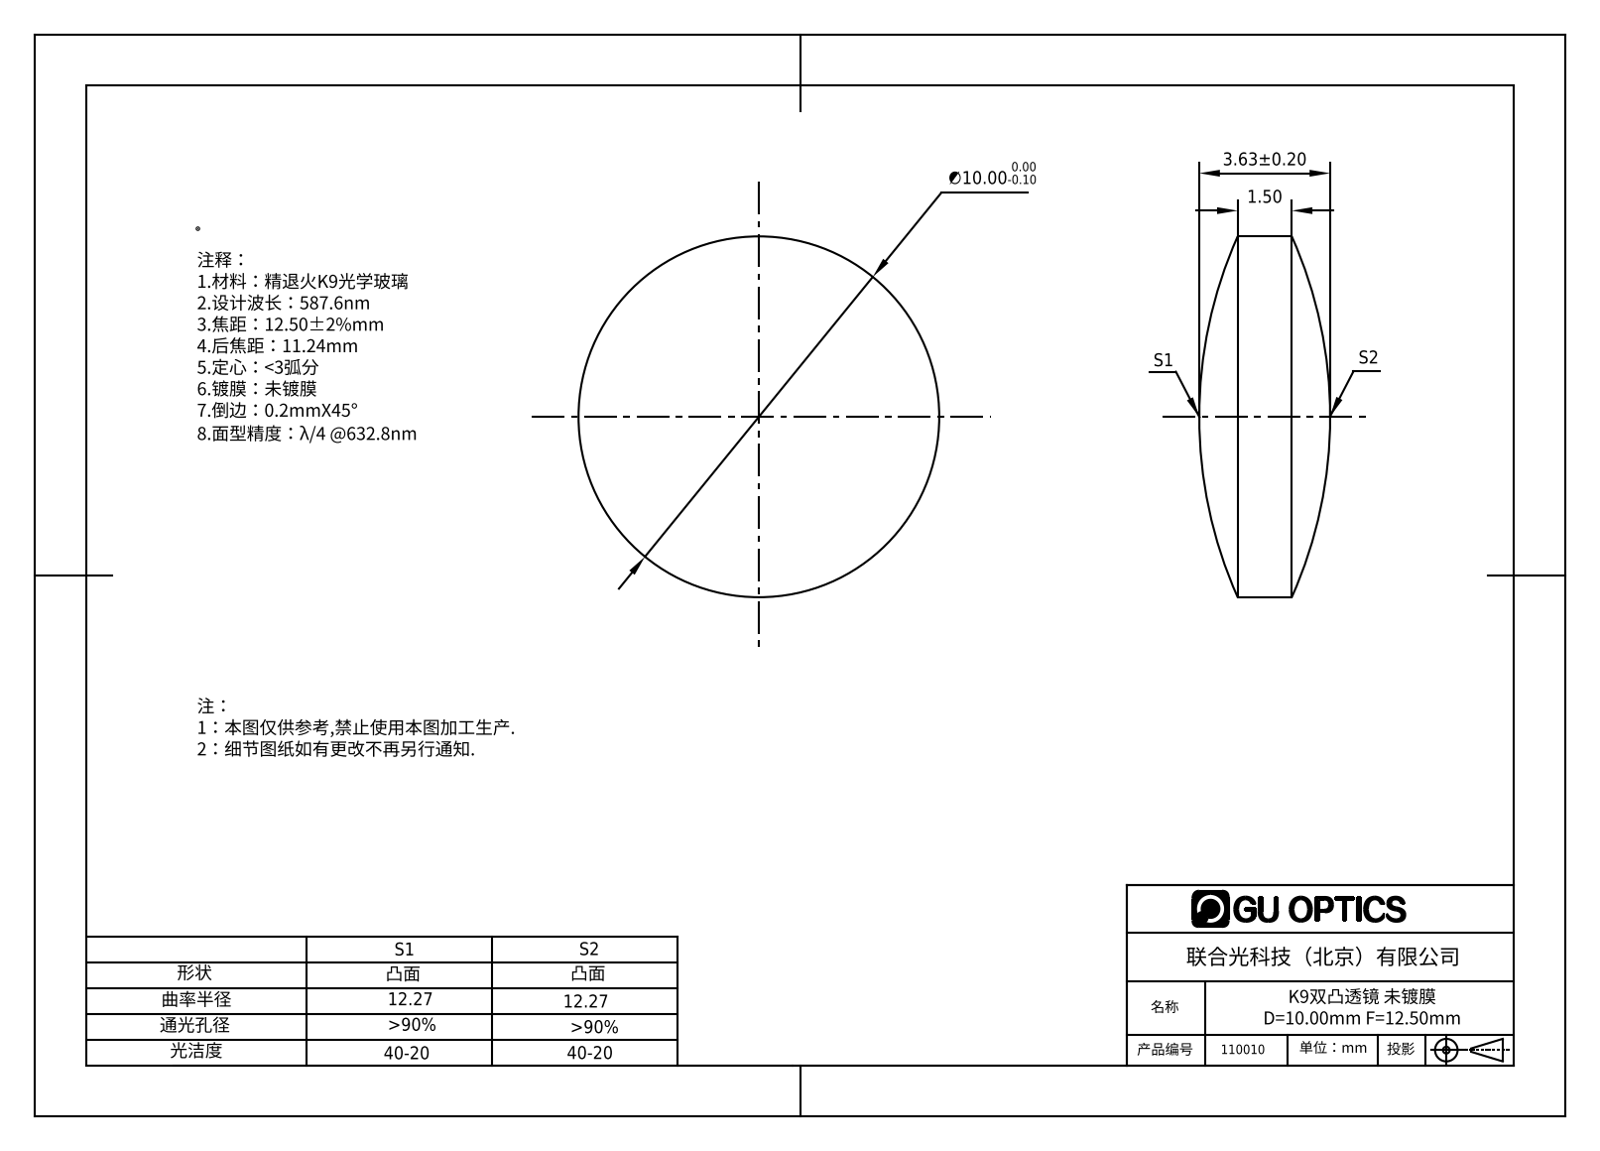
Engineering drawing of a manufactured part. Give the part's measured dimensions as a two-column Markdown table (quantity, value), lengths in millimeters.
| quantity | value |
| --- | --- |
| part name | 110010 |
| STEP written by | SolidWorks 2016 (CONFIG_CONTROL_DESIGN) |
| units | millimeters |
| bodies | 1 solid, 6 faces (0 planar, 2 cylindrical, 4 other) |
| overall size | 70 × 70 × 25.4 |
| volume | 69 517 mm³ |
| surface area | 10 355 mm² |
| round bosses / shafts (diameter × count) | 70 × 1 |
---*---
- Exercise instructions:
Repeat the records in full and exactly, leaving every picture out.

- Response:
Engineering drawing of a manufactured part. Give the part's measured dimensions as a two-column Markdown table (quantity, value), lengths in millimeters.
| quantity | value |
| --- | --- |
| part name | 110010 |
| STEP written by | SolidWorks 2016 (CONFIG_CONTROL_DESIGN) |
| units | millimeters |
| bodies | 1 solid, 6 faces (0 planar, 2 cylindrical, 4 other) |
| overall size | 70 × 70 × 25.4 |
| volume | 69 517 mm³ |
| surface area | 10 355 mm² |
| round bosses / shafts (diameter × count) | 70 × 1 |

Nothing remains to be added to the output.